Sembuh, Kakek Rela Tempuh 1.800 km Untuk Terima Kasih ke Tim Medis Covid-19

Bimo Aria Fundrika | Lilis Varwati
Sembuh, Kakek Rela Tempuh 1.800 km Untuk Terima Kasih ke Tim Medis Covid-19
Ilustrasi kakek 72 tahun. (Shutterstock)

Selama itu, Zhu merasa telah dirawat dengan sangat baik oleh para tenaga medis.

Suara.com - Seorang kakek 72 tahun di China, Zhu Chuancai, menempuh jalan 1.800 kilometer untuk menemui tenaga medis di salah satu rumah sakit darurat di Wuhan yang pernah merawatnya saat terinfeksi Covid-19. Ia pergi seorang diri menggunakan kereta api dan menempuh waktu lebih dari 20 jam.

Zhu terinfeksi virus corona pada Febuari lalu. Ia kemudian dirawat di rumah sakit darurat Wuhan selama 37 hari. Selama itu, Zhu merasa telah dirawat dengan sangat baik oleh para tenaga medis.

"Mereka sangat baik padaku di rumah sakit. Mereka tidak menganggap saya sebagai pasien. Mereka membantu saya memotong kuku, mencuci pakaian, membelikan saya susu. Saya sangat ingin bertemu langsung dengan mereka," kata Zhu dikutip dari tayangan video SCMP, Kamis (24/9/2020).

Setelah dinyatakan sembuh, kesehatan Zhu juga tetap diperhatikan oleh para tenaga medis.
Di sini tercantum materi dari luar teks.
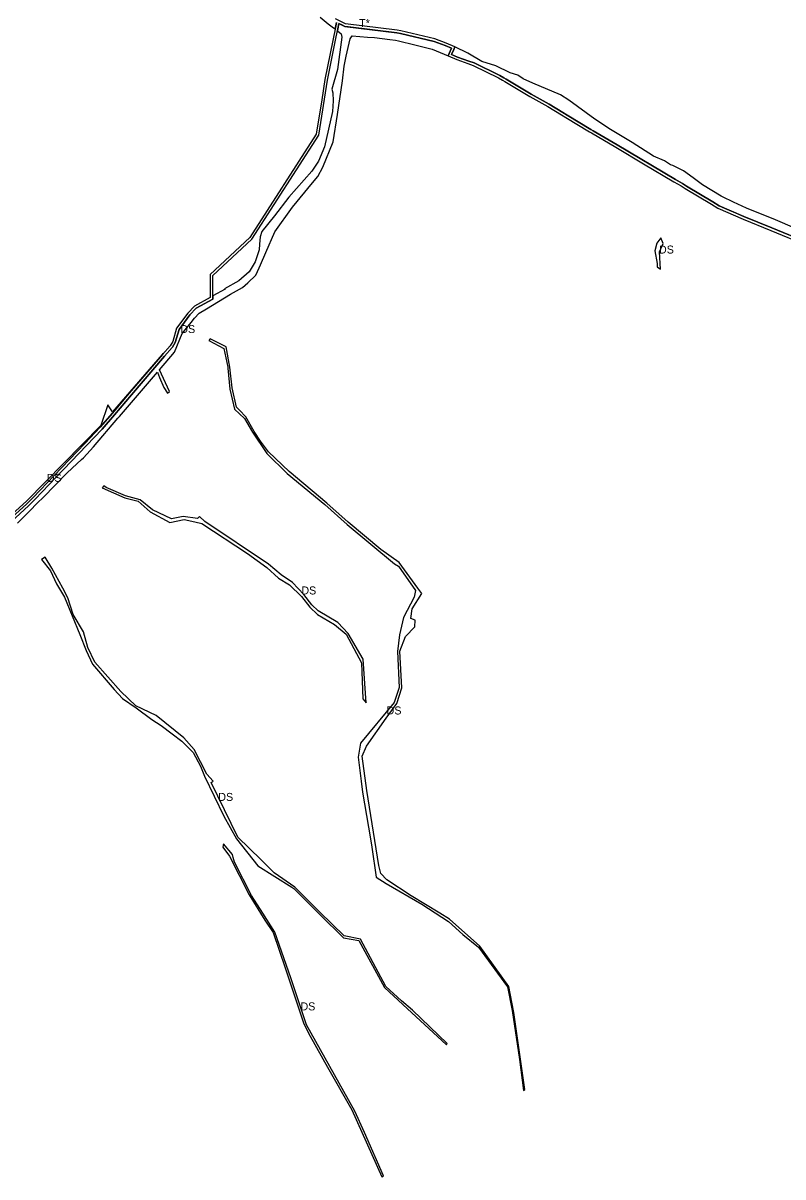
# Model space of a CAD drawing. Extents: x -477304 to -465641, y -1159113 to -1149285.
# Drawn here: x -471518 to -470664, y -1155901 to -1154603 of the extents above; entities that cross this region are included whole.
import ezdxf

# ---------------------------------------------------------------- set-up
doc = ezdxf.new("R2010")
doc.units = 0
doc.layers.add('35', color=7, linetype='Continuous')
doc.layers.add('4', color=7, linetype='Continuous')

msp = doc.modelspace()

# ---------------------------------------------------------------- linework, layer by layer
at = {"layer": '35'}
for p, q in [((-471184.5, -1154596.4), (-471175.4, -1154604.1)), ((-471175.4, -1154604.1), (-471169.4, -1154608.4)), ((-471169.4, -1154608.4), (-471167.6, -1154609.6)), ((-471167.6, -1154609.6), (-471167.3, -1154608.1)), ((-471167.3, -1154608.1), (-471166.1, -1154602.3)), ((-471165, -1154611.8), (-471160.9, -1154615.2)), ((-471159.4, -1154605.6), (-471163.4, -1154603.7)), ((-471155.1, -1154640.2), (-471150.8, -1154620.7)), ((-471150.8, -1154620.7), (-471148.5, -1154617.6)), ((-471148.5, -1154617.6), (-471131.1, -1154619.1)), ((-471131.1, -1154619.1), (-471123.4, -1154619.4)), ((-471123.4, -1154619.4), (-471106.3, -1154621.6)), ((-471106.3, -1154621.6), (-471099.9, -1154622.4)), ((-471099.9, -1154622.4), (-471096.4, -1154622.9)), ((-471096.4, -1154622.9), (-471078, -1154627.5)), ((-471078, -1154627.5), (-471058.5, -1154632.5)), ((-471058.5, -1154632.5), (-471040.6, -1154640.1)), ((-471040.6, -1154640.1), (-471039.4, -1154637.3)), ((-471039.4, -1154637.3), (-471037, -1154631.5)), ((-471034.3, -1154632.8), (-471036.7, -1154638.5)), ((-471036.7, -1154638.5), (-471029.9, -1154641.3)), ((-471033.1, -1154630), (-471034.3, -1154632.8)), ((-471159.4, -1154668.1), (-471157.6, -1154651.6)), ((-471157.6, -1154651.6), (-471155.1, -1154640.2)), ((-471029.9, -1154641.3), (-471017.3, -1154645.8)), ((-470956.4, -1154665.7), (-470962.3, -1154661.8)), ((-471171.4, -1154677.6), (-471170.4, -1154681.6)), ((-471164.8, -1154706.1), (-471159.4, -1154668.1)), ((-470945.2, -1154670.5), (-470956.4, -1154665.7)), ((-471169.9, -1154690.4), (-471170.7, -1154702.4)), ((-471170.4, -1154681.6), (-471169.9, -1154690.4)), ((-471170.7, -1154702.4), (-471179.7, -1154742.1)), ((-470906.8, -1154706.6), (-470880.1, -1154722.7)), ((-470880.1, -1154722.7), (-470877.7, -1154724.1)), ((-470877.7, -1154724.1), (-470850.7, -1154740.1)), ((-470833.8, -1154737.3), (-470857.9, -1154722.9)), ((-470809.7, -1154752.9), (-470833.8, -1154737.3)), ((-470797.3, -1154757.9), (-470809.7, -1154752.9)), ((-471187.1, -1154775.6), (-471181.3, -1154765.1)), ((-471193.9, -1154769.5), (-471219.7, -1154798.8)), ((-471193.1, -1154782.8), (-471187.1, -1154775.6)), ((-470765.3, -1154777.3), (-470776.1, -1154769.4)), ((-470754.5, -1154784.9), (-470765.3, -1154777.3)), ((-471215.7, -1154810.1), (-471193.1, -1154782.8)), ((-471219.7, -1154798.8), (-471235.8, -1154820)), ((-470719.7, -1154804.5), (-470732.2, -1154798.6)), ((-470705.2, -1154811.3), (-470719.7, -1154804.5)), ((-471235.8, -1154820), (-471250, -1154837.5)), ((-471235.4, -1154838), (-471215.7, -1154810.1)), ((-470736, -1154808.6), (-470730, -1154811.3)), ((-470730, -1154811.3), (-470727.3, -1154812.5)), ((-470727.3, -1154812.5), (-470717.7, -1154816.6)), ((-470717.7, -1154816.6), (-470708, -1154820.8)), ((-471252.1, -1154843.4), (-471252.8, -1154851.7)), ((-471250, -1154837.5), (-471252.1, -1154843.4)), ((-471245.7, -1154861.3), (-471235.4, -1154838)), ((-470801.6, -1154844.8), (-470806, -1154850.6)), ((-471253.1, -1154858.2), (-471257.6, -1154871.7)), ((-471252.8, -1154851.7), (-471253.1, -1154858.2)), ((-471257.6, -1154871.7), (-471264.2, -1154882.9)), ((-471251.7, -1154875.1), (-471245.7, -1154861.3)), ((-471264.2, -1154882.9), (-471276, -1154893)), ((-471256.8, -1154886.5), (-471253.2, -1154878.5)), ((-471253.2, -1154878.5), (-471251.7, -1154875.1)), ((-470805.5, -1154873.5), (-470805.7, -1154877.3)), ((-471276, -1154893), (-471291.9, -1154901.8)), ((-471271.8, -1154900.4), (-471265.8, -1154895.2)), ((-471265.8, -1154895.2), (-471256.8, -1154886.5)), ((-471312.1, -1154924.3), (-471285.1, -1154908.1)), ((-471291.4, -1154902.4), (-471305.3, -1154910)), ((-471305.3, -1154910), (-471305.3, -1154913.5)), ((-471291.9, -1154901.8), (-471291.4, -1154902.4)), ((-471285.1, -1154908.1), (-471271.8, -1154900.4)), ((-471320.5, -1154929.3), (-471312.1, -1154924.3)), ((-471329.3, -1154939.7), (-471325.6, -1154935)), ((-471325.6, -1154935), (-471320.5, -1154929.3)), ((-471308, -1154958.1), (-471309.6, -1154960.2)), ((-471290.2, -1154967.1), (-471308, -1154958.1)), ((-471362.2, -1154975.7), (-471417.9, -1155040.4)), ((-471399, -1155019.2), (-471361.7, -1154975.7)), ((-471360.8, -1154974.8), (-471362.2, -1154975.7)), ((-471361.7, -1154975.7), (-471360.8, -1154974.8)), ((-471285.9, -1154990.2), (-471290.2, -1154967.1)), ((-471410, -1155045.4), (-471367.4, -1154995.7)), ((-471367.4, -1154995.7), (-471365, -1155001.6)), ((-471353.9, -1155017.3), (-471365.1, -1154993)), ((-471365, -1155001.6), (-471360.2, -1155013.1)), ((-471283.4, -1155013.3), (-471285.9, -1154990.2)), ((-471360.2, -1155013.1), (-471356.2, -1155019.4)), ((-471285.9, -1155014.7), (-471280.6, -1155037.4)), ((-471278.6, -1155035.1), (-471283.4, -1155013.3)), ((-471356.2, -1155019.4), (-471353.9, -1155017.3)), ((-471423.2, -1155032.4), (-471431, -1155055.7)), ((-471417.9, -1155040.4), (-471423.2, -1155032.4)), ((-471275.3, -1155038.5), (-471278.6, -1155035.1)), ((-471415.8, -1155043.7), (-471429.4, -1155059.7)), ((-471411.8, -1155047.5), (-471410, -1155045.4)), ((-471431, -1155055.7), (-471514.7, -1155140.7)), ((-471449.2, -1155076.1), (-471431.6, -1155057.7)), ((-471251.7, -1155073.4), (-471258.5, -1155062.6)), ((-471242.6, -1155085.4), (-471251.7, -1155073.4)), ((-471452.7, -1155093.8), (-471450.6, -1155091.9)), ((-471496, -1155136.6), (-471468.8, -1155108.8)), ((-471427.5, -1155123.7), (-471429.7, -1155125.8)), ((-471429.7, -1155125.8), (-471404.1, -1155136.9)), ((-471514.7, -1155140.7), (-471548.2, -1155171.2)), ((-471502.1, -1155142.8), (-471496, -1155136.6)), ((-471404.1, -1155136.9), (-471389, -1155140.9)), ((-471389, -1155140.9), (-471375.4, -1155152.8)), ((-471152.9, -1155164.4), (-471176.9, -1155143.1)), ((-471524.9, -1155165.7), (-471513.5, -1155154.3)), ((-471375.4, -1155152.8), (-471353.4, -1155164.7)), ((-471320, -1155157.9), (-471322.2, -1155160.4)), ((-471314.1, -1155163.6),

Zhu diingatkan untuk rutin memeriksa kadar gula darahnya. 

Baca Juga: Kehilangan Indra Penciuman, Seorang Nakes RSUD Singkawang Positif Covid-19

Kakek di Wuhan Pergi Sejauh 1.800 km Untuk Terimakasih Kepada Tim Medis. (DOk: SCMP)
Kakek di Wuhan Pergi Sejauh 1.800 km Untuk Terimakasih Kepada Tim Medis. (Dok: SCMP)

"Mereka mengingatkan saya untuk minum obat dan lebih banyak melakukan pemeriksaan di rumah sakit. Mereka sangat peduli padaku," ucapnya.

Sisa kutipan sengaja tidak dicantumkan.